## What to work on:
The answer must consist of each line below that contains the word "such", copied in full.

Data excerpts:

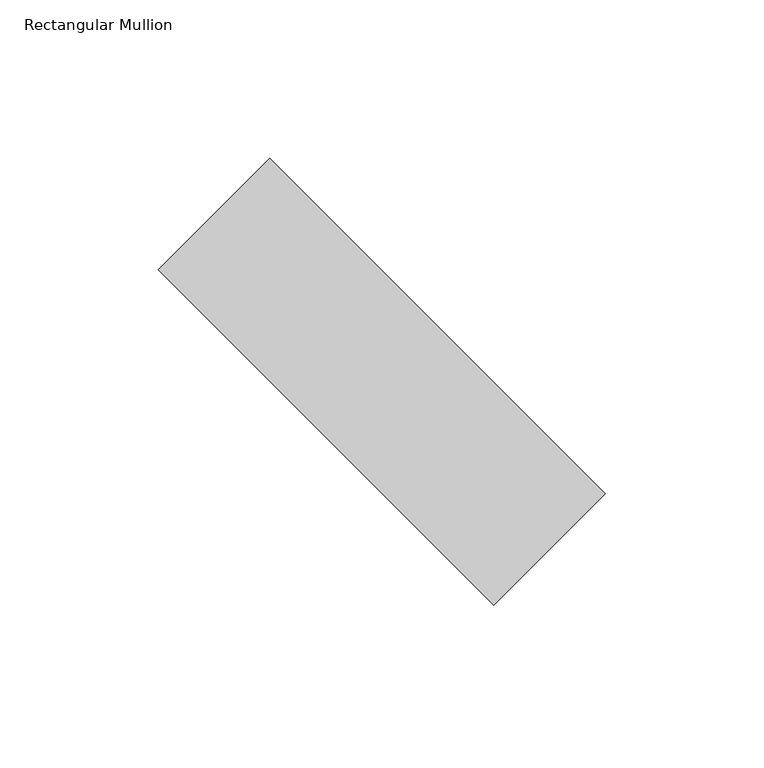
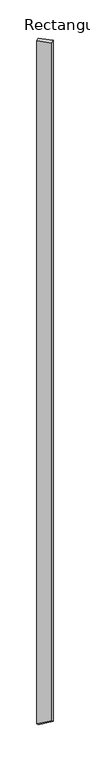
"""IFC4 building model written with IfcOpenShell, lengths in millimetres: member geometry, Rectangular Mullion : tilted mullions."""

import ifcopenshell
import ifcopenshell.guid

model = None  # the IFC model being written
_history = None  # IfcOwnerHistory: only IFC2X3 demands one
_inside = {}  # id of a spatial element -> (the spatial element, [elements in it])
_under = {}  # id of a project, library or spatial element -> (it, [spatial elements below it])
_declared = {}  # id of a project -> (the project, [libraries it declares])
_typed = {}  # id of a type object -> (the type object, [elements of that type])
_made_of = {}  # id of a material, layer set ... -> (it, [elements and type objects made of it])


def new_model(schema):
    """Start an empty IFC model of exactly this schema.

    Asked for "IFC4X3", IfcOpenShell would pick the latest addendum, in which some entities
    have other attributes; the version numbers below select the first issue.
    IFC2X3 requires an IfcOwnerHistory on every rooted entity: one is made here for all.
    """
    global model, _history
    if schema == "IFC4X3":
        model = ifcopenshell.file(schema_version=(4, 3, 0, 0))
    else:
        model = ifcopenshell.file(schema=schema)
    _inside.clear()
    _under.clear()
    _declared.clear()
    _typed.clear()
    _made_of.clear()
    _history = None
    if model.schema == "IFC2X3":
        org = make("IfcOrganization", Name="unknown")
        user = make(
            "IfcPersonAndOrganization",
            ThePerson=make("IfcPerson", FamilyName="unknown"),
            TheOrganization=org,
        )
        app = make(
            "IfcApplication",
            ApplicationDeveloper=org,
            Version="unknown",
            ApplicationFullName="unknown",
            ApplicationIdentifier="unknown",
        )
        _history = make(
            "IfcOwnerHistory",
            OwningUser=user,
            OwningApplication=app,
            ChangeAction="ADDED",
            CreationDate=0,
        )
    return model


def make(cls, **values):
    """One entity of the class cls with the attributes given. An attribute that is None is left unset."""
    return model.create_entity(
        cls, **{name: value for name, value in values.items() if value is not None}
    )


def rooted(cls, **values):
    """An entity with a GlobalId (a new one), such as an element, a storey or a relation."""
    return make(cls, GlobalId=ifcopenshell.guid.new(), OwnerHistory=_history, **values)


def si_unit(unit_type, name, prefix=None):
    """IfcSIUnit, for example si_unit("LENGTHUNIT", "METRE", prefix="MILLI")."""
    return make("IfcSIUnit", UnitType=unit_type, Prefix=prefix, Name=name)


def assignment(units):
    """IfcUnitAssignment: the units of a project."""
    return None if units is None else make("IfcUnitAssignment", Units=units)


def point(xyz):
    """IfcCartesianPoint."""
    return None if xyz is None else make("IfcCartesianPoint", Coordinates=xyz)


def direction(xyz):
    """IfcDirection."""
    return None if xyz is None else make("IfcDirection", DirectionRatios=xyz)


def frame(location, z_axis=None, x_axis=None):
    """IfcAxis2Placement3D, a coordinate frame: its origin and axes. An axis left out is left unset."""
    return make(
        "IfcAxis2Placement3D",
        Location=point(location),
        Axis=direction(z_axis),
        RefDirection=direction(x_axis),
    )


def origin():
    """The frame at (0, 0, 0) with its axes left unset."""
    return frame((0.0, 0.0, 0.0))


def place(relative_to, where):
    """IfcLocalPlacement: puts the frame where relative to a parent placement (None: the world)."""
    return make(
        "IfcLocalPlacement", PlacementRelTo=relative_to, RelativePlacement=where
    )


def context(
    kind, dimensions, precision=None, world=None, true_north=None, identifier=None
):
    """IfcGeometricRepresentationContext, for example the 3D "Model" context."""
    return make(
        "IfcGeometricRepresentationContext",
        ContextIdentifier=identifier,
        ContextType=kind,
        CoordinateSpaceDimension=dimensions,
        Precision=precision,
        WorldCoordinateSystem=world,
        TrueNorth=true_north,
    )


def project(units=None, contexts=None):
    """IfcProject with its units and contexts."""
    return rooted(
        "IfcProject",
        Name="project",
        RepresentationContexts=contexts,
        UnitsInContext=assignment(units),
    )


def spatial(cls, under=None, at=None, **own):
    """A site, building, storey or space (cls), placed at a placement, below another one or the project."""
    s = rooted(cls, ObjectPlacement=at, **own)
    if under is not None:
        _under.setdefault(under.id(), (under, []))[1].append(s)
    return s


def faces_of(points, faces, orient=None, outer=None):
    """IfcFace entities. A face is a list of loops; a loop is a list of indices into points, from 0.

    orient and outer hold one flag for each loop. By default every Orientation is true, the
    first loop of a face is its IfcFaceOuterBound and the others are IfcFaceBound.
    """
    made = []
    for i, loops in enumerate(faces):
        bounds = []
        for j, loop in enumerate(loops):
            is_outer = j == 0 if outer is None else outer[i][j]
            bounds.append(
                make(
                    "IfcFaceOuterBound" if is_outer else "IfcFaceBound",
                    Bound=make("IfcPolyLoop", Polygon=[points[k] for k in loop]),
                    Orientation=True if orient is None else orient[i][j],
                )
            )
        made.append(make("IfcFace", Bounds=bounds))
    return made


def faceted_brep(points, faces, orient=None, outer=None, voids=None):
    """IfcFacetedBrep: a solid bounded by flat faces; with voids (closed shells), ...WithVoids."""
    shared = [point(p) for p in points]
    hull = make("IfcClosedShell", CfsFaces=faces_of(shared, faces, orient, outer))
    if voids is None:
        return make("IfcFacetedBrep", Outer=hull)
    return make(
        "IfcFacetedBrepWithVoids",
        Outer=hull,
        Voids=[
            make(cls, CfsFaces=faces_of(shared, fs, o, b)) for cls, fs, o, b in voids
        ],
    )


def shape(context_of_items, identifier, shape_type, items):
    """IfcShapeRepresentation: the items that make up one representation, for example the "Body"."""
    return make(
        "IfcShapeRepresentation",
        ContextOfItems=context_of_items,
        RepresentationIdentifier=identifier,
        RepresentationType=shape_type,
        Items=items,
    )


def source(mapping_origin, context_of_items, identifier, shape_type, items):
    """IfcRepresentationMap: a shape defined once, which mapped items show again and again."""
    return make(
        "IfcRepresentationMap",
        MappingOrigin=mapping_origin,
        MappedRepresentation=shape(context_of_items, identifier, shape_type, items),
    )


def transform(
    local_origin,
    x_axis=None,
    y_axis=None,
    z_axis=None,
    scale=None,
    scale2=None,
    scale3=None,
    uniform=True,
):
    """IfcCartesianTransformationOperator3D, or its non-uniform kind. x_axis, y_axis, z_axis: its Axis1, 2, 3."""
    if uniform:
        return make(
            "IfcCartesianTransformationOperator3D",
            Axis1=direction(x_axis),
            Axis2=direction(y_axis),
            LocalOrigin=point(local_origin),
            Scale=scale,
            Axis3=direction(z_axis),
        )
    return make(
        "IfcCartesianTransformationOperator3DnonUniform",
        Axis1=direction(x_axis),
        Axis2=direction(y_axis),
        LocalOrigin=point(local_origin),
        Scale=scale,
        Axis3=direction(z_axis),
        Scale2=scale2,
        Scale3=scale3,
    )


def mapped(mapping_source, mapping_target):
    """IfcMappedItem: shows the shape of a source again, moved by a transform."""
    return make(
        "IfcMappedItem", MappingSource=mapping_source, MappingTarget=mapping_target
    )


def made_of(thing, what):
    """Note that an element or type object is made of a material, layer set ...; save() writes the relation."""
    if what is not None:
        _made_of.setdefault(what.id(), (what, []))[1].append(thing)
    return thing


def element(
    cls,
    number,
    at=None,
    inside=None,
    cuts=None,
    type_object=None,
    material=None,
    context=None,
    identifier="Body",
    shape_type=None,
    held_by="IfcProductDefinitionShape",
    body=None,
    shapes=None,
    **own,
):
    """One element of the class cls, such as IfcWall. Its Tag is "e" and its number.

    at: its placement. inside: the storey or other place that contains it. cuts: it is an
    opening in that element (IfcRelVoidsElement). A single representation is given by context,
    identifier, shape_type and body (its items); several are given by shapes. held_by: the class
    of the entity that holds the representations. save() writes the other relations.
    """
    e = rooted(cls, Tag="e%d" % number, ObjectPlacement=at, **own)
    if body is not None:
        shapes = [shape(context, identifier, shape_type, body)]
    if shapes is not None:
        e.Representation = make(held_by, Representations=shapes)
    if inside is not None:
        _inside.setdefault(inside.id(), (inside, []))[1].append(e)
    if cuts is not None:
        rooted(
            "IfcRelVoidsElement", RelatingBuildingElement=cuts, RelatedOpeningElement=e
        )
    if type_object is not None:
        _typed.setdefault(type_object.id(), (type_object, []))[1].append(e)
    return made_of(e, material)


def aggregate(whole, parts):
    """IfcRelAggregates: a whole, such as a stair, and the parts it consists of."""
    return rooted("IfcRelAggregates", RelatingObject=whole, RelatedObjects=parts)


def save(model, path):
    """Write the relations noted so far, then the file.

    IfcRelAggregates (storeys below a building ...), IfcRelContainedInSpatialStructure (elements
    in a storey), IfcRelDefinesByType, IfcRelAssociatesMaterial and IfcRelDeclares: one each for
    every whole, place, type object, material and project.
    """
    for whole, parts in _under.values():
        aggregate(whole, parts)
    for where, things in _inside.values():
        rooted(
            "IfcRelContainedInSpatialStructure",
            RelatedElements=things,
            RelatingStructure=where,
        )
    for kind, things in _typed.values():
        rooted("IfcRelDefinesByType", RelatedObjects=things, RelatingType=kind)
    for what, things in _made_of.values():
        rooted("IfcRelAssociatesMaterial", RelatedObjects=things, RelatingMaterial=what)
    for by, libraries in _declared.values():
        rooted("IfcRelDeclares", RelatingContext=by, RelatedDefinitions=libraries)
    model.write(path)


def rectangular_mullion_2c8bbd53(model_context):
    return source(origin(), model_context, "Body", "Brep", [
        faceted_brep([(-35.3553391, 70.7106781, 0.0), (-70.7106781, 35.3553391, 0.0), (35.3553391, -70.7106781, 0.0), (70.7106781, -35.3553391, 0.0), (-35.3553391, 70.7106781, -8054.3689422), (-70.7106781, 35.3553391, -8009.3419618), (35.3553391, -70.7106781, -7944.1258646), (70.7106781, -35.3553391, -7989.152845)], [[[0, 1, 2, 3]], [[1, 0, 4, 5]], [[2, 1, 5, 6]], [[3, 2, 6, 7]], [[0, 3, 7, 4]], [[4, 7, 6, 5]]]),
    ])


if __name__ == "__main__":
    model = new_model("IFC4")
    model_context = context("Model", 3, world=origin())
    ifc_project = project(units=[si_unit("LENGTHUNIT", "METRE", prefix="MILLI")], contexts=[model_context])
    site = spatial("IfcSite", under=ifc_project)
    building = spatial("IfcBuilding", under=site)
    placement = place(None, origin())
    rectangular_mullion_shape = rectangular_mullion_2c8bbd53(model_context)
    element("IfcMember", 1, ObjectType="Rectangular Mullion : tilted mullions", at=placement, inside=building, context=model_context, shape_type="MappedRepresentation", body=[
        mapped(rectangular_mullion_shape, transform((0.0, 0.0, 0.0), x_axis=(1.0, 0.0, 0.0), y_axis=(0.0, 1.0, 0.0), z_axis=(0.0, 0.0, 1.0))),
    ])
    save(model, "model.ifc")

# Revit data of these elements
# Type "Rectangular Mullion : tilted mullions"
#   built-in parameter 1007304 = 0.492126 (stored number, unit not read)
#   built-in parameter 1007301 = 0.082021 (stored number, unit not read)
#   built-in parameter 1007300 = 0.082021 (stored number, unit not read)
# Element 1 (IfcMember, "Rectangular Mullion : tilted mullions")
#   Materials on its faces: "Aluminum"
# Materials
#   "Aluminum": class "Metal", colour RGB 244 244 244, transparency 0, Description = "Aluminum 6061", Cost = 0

## Task output:
    """An entity with a GlobalId (a new one), such as an element, a storey or a relation."""
    """One element of the class cls, such as IfcWall. Its Tag is "e" and its number.
    """IfcRelAggregates: a whole, such as a stair, and the parts it consists of."""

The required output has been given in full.